• _How to complete this task_: All that is wanted is a word-for-word retyping of the lines from the one containing "#806 = CIRCLE ( 'NONE', #146, 568. ) ;" through the end of the material below.
<<<<
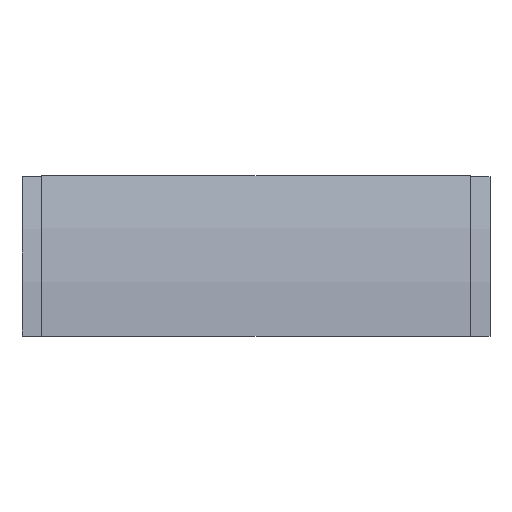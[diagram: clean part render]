
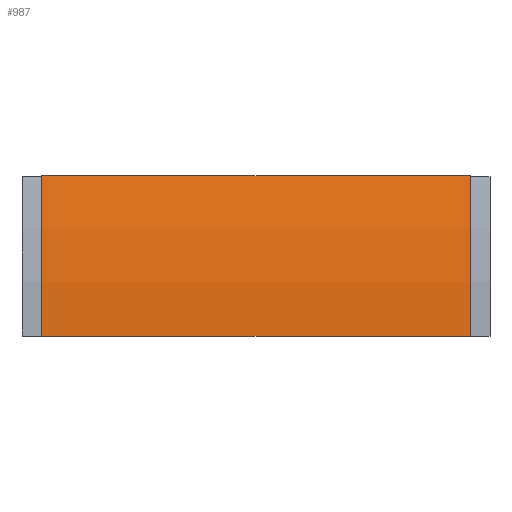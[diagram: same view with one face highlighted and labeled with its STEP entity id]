
A CAD part, front view. The second image highlights one B-rep face of the part: STEP entity #987.
In plain terms, the highlighted cylindrical face has radius 568 mm (diameter 1136 mm), a partial arc.
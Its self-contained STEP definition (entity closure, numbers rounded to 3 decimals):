
#5 = CARTESIAN_POINT ( 'NONE',  ( 0., 500., 0. ) ) ;
#10 = DIRECTION ( 'NONE',  ( 0., 0., -1. ) ) ;
#14 = DIRECTION ( 'NONE',  ( 1., 0., 0. ) ) ;
#73 = EDGE_CURVE ( 'NONE', #714, #716, #798, .T. ) ;
#74 = EDGE_CURVE ( 'NONE', #722, #724, #794, .T. ) ;
#75 = EDGE_CURVE ( 'NONE', #724, #716, #801, .T. ) ;
#78 = EDGE_CURVE ( 'NONE', #722, #714, #806, .T. ) ;
#145 = AXIS2_PLACEMENT_3D ( 'NONE', #375, #374, #392 ) ;
#146 = AXIS2_PLACEMENT_3D ( 'NONE', #229, #213, #341 ) ;
#213 = DIRECTION ( 'NONE',  ( 1., 0., 0. ) ) ;
#229 = CARTESIAN_POINT ( 'NONE',  ( -228.5, 500., 0. ) ) ;
#261 = CARTESIAN_POINT ( 'NONE',  ( -228.5, -68., 0. ) ) ;
#339 = CARTESIAN_POINT ( 'NONE',  ( 228.5, -41.711, 170.801 ) ) ;
#341 = DIRECTION ( 'NONE',  ( 0., 0., -1. ) ) ;
#342 = CARTESIAN_POINT ( 'NONE',  ( -228.5, -41.711, 170.801 ) ) ;
#347 = CARTESIAN_POINT ( 'NONE',  ( 228.5, -68., 0. ) ) ;
#348 = CARTESIAN_POINT ( 'NONE',  ( -228.5, -68., 0. ) ) ;
#368 = CARTESIAN_POINT ( 'NONE',  ( -228.5, -41.711, 170.801 ) ) ;
#370 = DIRECTION ( 'NONE',  ( 1., 0., 0. ) ) ;
#374 = DIRECTION ( 'NONE',  ( 1., 0., 0. ) ) ;
#375 = CARTESIAN_POINT ( 'NONE',  ( 228.5, 500., 0. ) ) ;
#392 = DIRECTION ( 'NONE',  ( 0., 0., -1. ) ) ;
#399 = DIRECTION ( 'NONE',  ( 1., 0., 0. ) ) ;
#576 = ORIENTED_EDGE ( 'NONE', *, *, #75, .F. ) ;
#577 = ORIENTED_EDGE ( 'NONE', *, *, #74, .F. ) ;
#578 = ORIENTED_EDGE ( 'NONE', *, *, #78, .T. ) ;
#579 = ORIENTED_EDGE ( 'NONE', *, *, #73, .T. ) ;
#714 = VERTEX_POINT ( 'NONE', #348 ) ;
#716 = VERTEX_POINT ( 'NONE', #347 ) ;
#722 = VERTEX_POINT ( 'NONE', #342 ) ;
#724 = VERTEX_POINT ( 'NONE', #339 ) ;
#794 = LINE ( 'NONE', #368, #802 ) ;
#798 = LINE ( 'NONE', #261, #800 ) ;
#800 = VECTOR ( 'NONE', #370, 1000. ) ;
#801 = CIRCLE ( 'NONE', #145, 568. ) ;
#802 = VECTOR ( 'NONE', #399, 1000. ) ;
#806 = CIRCLE ( 'NONE', #146, 568. ) ;
#949 = FACE_OUTER_BOUND ( 'NONE', #1022, .T. ) ;
#953 = CYLINDRICAL_SURFACE ( 'NONE', #1013, 568. ) ;
#987 = ADVANCED_FACE ( 'NONE', ( #949 ), #953, .T. ) ;
#1013 = AXIS2_PLACEMENT_3D ( 'NONE', #5, #14, #10 ) ;
#1022 = EDGE_LOOP ( 'NONE', ( #576, #577, #578, #579 ) ) ;
>>>>
• _Task response_:
#806 = CIRCLE ( 'NONE', #146, 568. ) ;
#949 = FACE_OUTER_BOUND ( 'NONE', #1022, .T. ) ;
#953 = CYLINDRICAL_SURFACE ( 'NONE', #1013, 568. ) ;
#987 = ADVANCED_FACE ( 'NONE', ( #949 ), #953, .T. ) ;
#1013 = AXIS2_PLACEMENT_3D ( 'NONE', #5, #14, #10 ) ;
#1022 = EDGE_LOOP ( 'NONE', ( #576, #577, #578, #579 ) ) ;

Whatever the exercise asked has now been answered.